It sucks when you want to do something for someone but you can't. I feel like I am making excuses when all I want to do is make her happy on her special day. I think I would need to get over the feeling of guilt over not doing something that follows someone else's life. I think my friends would not like it all the time. But I have things that may seem less adventurous, exciting or less like me, but I would have to do that so I can focus on something and get things done.
I was planning to buy her something nice for her birthday, something sweet and her request came out of the blue and the circumstances around it would have been easy for the old me to deliver but this year things are a little bit less like old me and more new me.
I promised her we would do something fun every month.
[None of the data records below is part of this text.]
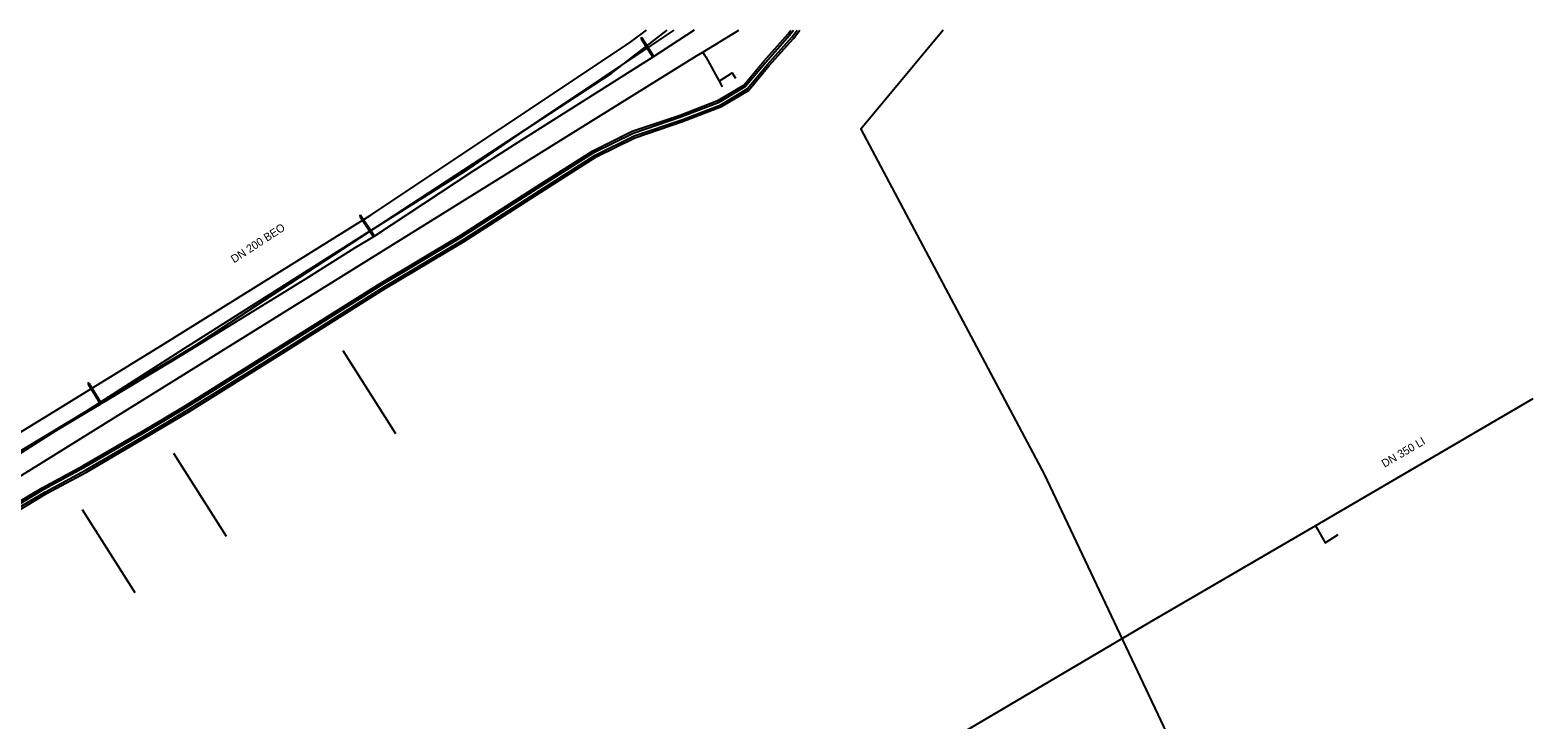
# Model space of a CAD drawing. Extents: x -600391 to -599491, y -1160176 to -1159402.
# Drawn here: x -599641 to -599490.8, y -1159470.7 to -1159401.8 of the extents above; entities that cross this region are included whole.
import ezdxf

# ---------------------------------------------------------------- set-up
doc = ezdxf.new("R2010")
doc.units = 0
for name, color, linetype in [('CETIN_linie', 7, 'Continuous'), ('Vrstva 1', 7, 'Continuous'), ('Vrstva 13', 7, 'Continuous'), ('Vrstva 15', 7, 'Continuous'), ('Vrstva 4', 7, 'Continuous'), ('Vrstva 44', 7, 'Continuous'), ('Vrstva 55', 7, 'Continuous'), ('Vrstva 58', 7, 'Continuous')]:
    doc.layers.add(name, color=color, linetype=linetype)

msp = doc.modelspace()

# ---------------------------------------------------------------- linework, layer by layer
at = {"layer": 'CETIN_linie'}
for points in [[(-599639.61, -1159440.54), (-599627.74, -1159433.24), (-599606.98, -1159420.31), (-599581.07, -1159403.05), (-599579.35, -1159401.77)], [(-599549.73, -1159401.77), (-599557.94, -1159411.69), (-599539.62, -1159446.15), (-599523.03, -1159481.23), (-599509.36, -1159513.77), (-599496.05, -1159546.71), (-599490.77, -1159561.12)], [(-599609.73, -1159433.81), (-599604.46, -1159442.1)], [(-599687.5, -1159469.87), (-599639.61, -1159440.54)], [(-599626.64, -1159444.07), (-599621.37, -1159452.36)], [(-599635.76, -1159449.68), (-599630.49, -1159457.97)]]:
    msp.add_lwpolyline(points, dxfattribs=at)
at = {"layer": 'Vrstva 1'}
msp.add_lwpolyline([(-599658.59, -1159453.85), (-599624.47, -1159433.28), (-599582.91, -1159406.12), (-599577.31, -1159401.77)], dxfattribs=at)
at = {"layer": 'Vrstva 13'}
for points in [[(-599757.93, -1159531.49), (-599760.55, -1159526.41), (-599759.42, -1159521.54), (-599758.81, -1159518.92), (-599742.22, -1159508.61), (-599680.74, -1159470.43), (-599612.05, -1159427.77), (-599574.38, -1159404.36), (-599573.73, -1159403.97), (-599570.13, -1159401.77)], [(-599573.73, -1159403.97), (-599573.53, -1159404.31), (-599573.45, -1159404.44), (-599572.12, -1159406.88), (-599571.81, -1159407.43)], [(-599572.12, -1159406.88), (-599570.82, -1159406.06), (-599570.47, -1159406.57)], [(-599490.77, -1159438.62), (-599512.51, -1159451.33), (-599529.09, -1159460.99), (-599704.29, -1159564.32), (-599711.49, -1159576.7), (-599713.26, -1159582)], [(-599512.51, -1159451.33), (-599512.32, -1159451.66), (-599511.54, -1159453.03), (-599510.24, -1159452.18)]]:
    msp.add_lwpolyline(points, dxfattribs=at)
at = {"layer": 'Vrstva 44'}
for points in [[(-599642.34, -1159449.78), (-599641.85, -1159449.37), (-599639.44, -1159447.92), (-599635.45, -1159445.76), (-599629.36, -1159442.22), (-599625.21, -1159439.74), (-599616.06, -1159434.03), (-599605.74, -1159427.52), (-599597.76, -1159422.76), (-599590.03, -1159417.81), (-599584.48, -1159414.27), (-599580.6, -1159412.35), (-599575.82, -1159410.73), (-599571.95, -1159409.24), (-599569.31, -1159407.65), (-599567.26, -1159405.2), (-599564.84, -1159402.48), (-599564.3, -1159401.77)], [(-599642.3, -1159449.87), (-599639.34, -1159448.1), (-599635.35, -1159445.94), (-599629.26, -1159442.4), (-599625.11, -1159439.91), (-599615.96, -1159434.19), (-599605.64, -1159427.69), (-599597.66, -1159422.92), (-599589.93, -1159417.97), (-599584.38, -1159414.45), (-599580.52, -1159412.53), (-599575.76, -1159410.91), (-599571.87, -1159409.42), (-599569.17, -1159407.81), (-599567.1, -1159405.32), (-599564.68, -1159402.6), (-599564.05, -1159401.77)]]:
    msp.add_lwpolyline(points, dxfattribs=at)
at = {"layer": 'Vrstva 55'}
msp.add_lwpolyline([(-599574.59, -1159401.77), (-599578.62, -1159404.41), (-599579.81, -1159402.58), (-599579.91, -1159402.53), (-599579.91, -1159402.65), (-599578.72, -1159404.47), (-599592.22, -1159413.02), (-599596.76, -1159415.89), (-599606.55, -1159422.37), (-599607.9, -1159420.35), (-599608, -1159420.3), (-599607.99, -1159420.42), (-599606.65, -1159422.43), (-599608.54, -1159423.58), (-599613.52, -1159426.71), (-599624.35, -1159433.35), (-599626.58, -1159434.73), (-599633.85, -1159439.09), (-599635.06, -1159437.08), (-599635.16, -1159437.03), (-599635.16, -1159437.15), (-599633.95, -1159439.15), (-599638.23, -1159441.71), (-599646.11, -1159446.64)], dxfattribs=at)
at = {"layer": 'Vrstva 58'}
for points in [[(-599576.65, -1159401.77), (-599577.72, -1159402.52), (-599590.09, -1159410.77), (-599597.7, -1159416.01), (-599608.01, -1159422.51), (-599625.61, -1159433.62), (-599645.63, -1159446.41)], [(-599642.65, -1159449.27), (-599639.69, -1159447.49), (-599635.69, -1159445.33), (-599629.62, -1159441.79), (-599625.47, -1159439.31), (-599616.33, -1159433.6), (-599606, -1159427.1), (-599598.03, -1159422.33), (-599590.3, -1159417.38), (-599584.72, -1159413.84), (-599580.79, -1159411.88), (-599575.99, -1159410.26), (-599572.17, -1159408.79), (-599569.64, -1159407.27), (-599567.63, -1159404.87), (-599565.22, -1159402.16), (-599564.93, -1159401.77)], [(-599642.55, -1159449.44), (-599639.59, -1159447.66), (-599635.6, -1159445.5), (-599629.51, -1159441.97), (-599625.37, -1159439.48), (-599616.22, -1159433.77), (-599605.9, -1159427.27), (-599597.92, -1159422.5), (-599590.2, -1159417.55), (-599584.63, -1159414.01), (-599580.71, -1159412.07), (-599575.93, -1159410.44), (-599572.09, -1159408.97), (-599569.5, -1159407.42), (-599567.48, -1159405), (-599565.07, -1159402.29), (-599564.68, -1159401.77)]]:
    msp.add_lwpolyline(points, dxfattribs=at)

# ---------------------------------------------------------------- texts
at = {"layer": 'Vrstva 15'}
msp.add_text('DN 350 LI', height=0.8, rotation=30.3095, dxfattribs=at).set_placement((-599505.61, -1159445.52))
at = {"layer": 'Vrstva 4'}
msp.add_text('DN 200 BEO', height=0.8, rotation=33.161, dxfattribs=at).set_placement((-599620.58, -1159425.09))

doc.saveas('drawing.dxf')

But I am afraid to break my focus right now. I am not beck and call girl anymore. 2012 would be a little bit disappointing. My boyfriend right now is Jamie Dimon. If he breaks up with me, then I would have more time in my hand and would probably have to find a new place to be in. But I have to disappear from the radar, get my list underway and be more of my old self in a new place but less my reckless, flies to the rescue of others and waits for damsels in distress. My life is the damsel in distress now.
I am at a point when I realized that my career goals are late in the making. And I hope that it doesn't make me a bad friend if I focus on them right now. I love my friends and they know that. But like when I told Ico that I can't be with a person who considers my schedule as something conveniently flexible for them, I would have to apologize in advance. Know that I feel bad since I would rather be making new memories with true old friends but my now needs me too. And my tomorrow needs me to be a bit less fly by night.